Fractions are a way of representing numbers that are not whole. They consist of two parts: a numerator and a denominator. The numerator is the number on top, indicating how many parts we have. The denominator is the number at the bottom, showing how many parts make up a whole. For example, in the fraction \( \frac{1}{4} \), 1 is the numerator and 4 is the denominator. It represents one part out of four equal parts of a whole.
Working with fractions can sometimes be tricky, especially when it involves operations like multiplication or exponentiation. But understanding the basic structure of fractions will help simplify these processes.

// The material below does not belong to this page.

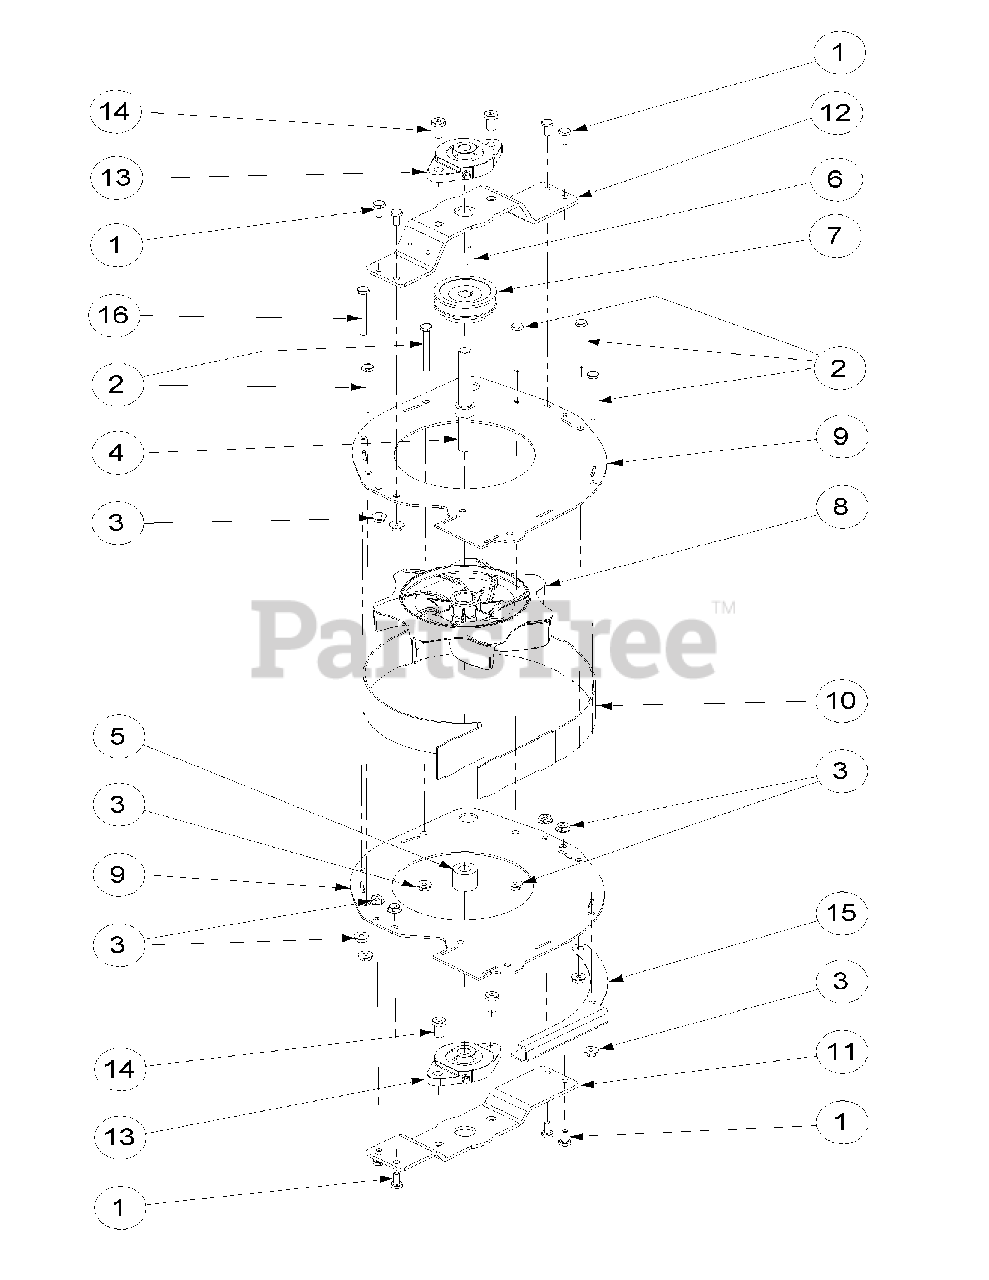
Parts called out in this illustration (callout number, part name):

• The numerator (top part) indicates how many parts we are considering.
• The denominator (bottom part) tells us how many parts make up a whole

Multiplying fractions is an important math skill, and it's simpler than it might initially seem. To multiply two fractions, multiply the numerators together to get a new numerator, and the denominators together to get a new denominator. For example, \( \frac{1}{4} \times \frac{1}{4} \) becomes \( \frac{1 \times 1}{4 \times 4} = \frac{1}{16} \).
When you have more than two fractions, like in the problem \( \left(\frac{1}{4}\right)^3 = \frac{1}{4} \times \frac{1}{4} \times \frac{1}{4} \), you simply continue the process. Multiply the result of the first multiplication (\( \frac{1}{16} \)) with the next fraction (\( \frac{1}{4} \)):

• \( \frac{1}{16} \times \frac{1}{4} \) results in \( \frac{1 \times 1}{16 \times 4} = \frac{1}{64} \)

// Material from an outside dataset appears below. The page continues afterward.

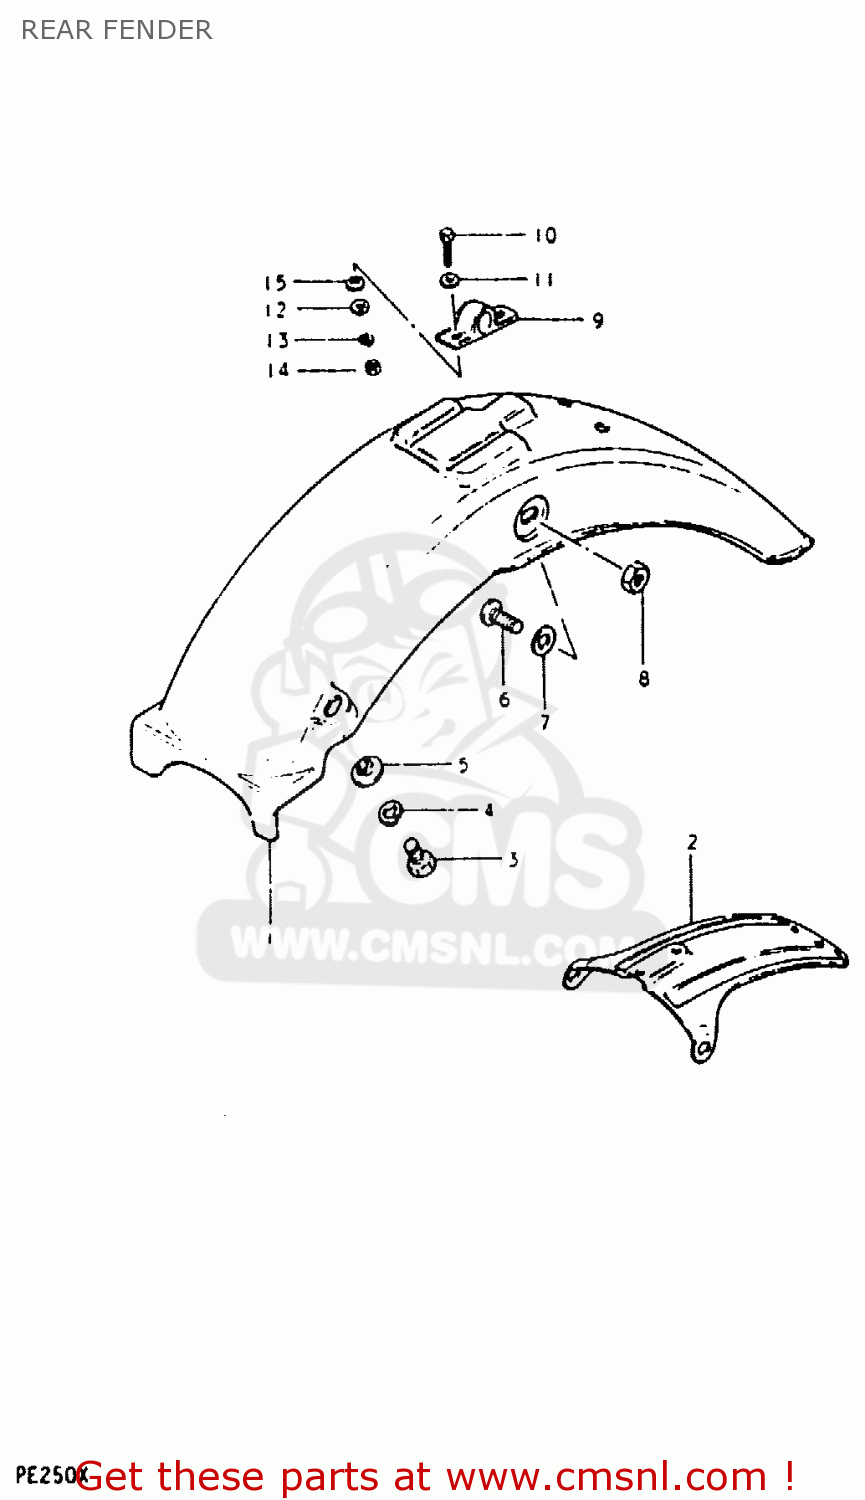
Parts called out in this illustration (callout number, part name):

The key to multiplying fractions is to simplify whenever possible to keep the calculations manageable.

Simplification is the process of reducing a mathematical expression to its simplest form. This often involves performing multiplication or division and reducing fractions.
After multiplying the fractions, you should check if the resulting fraction can be reduced. A fraction is in its simplest form when the numerator and the denominator have no common factors other than 1. In the expression \( \frac{1}{64} \), the fraction is already simplified because 1 and 64 have no common factors.

• Ensure multiplication steps are correct.
• Check if you can divide both the numerator and denominator by the same number, other than 1, to simplify.

Understanding when to stop simplifying is essential, as sometimes the fraction is already in its simplest form when you finish multiplying.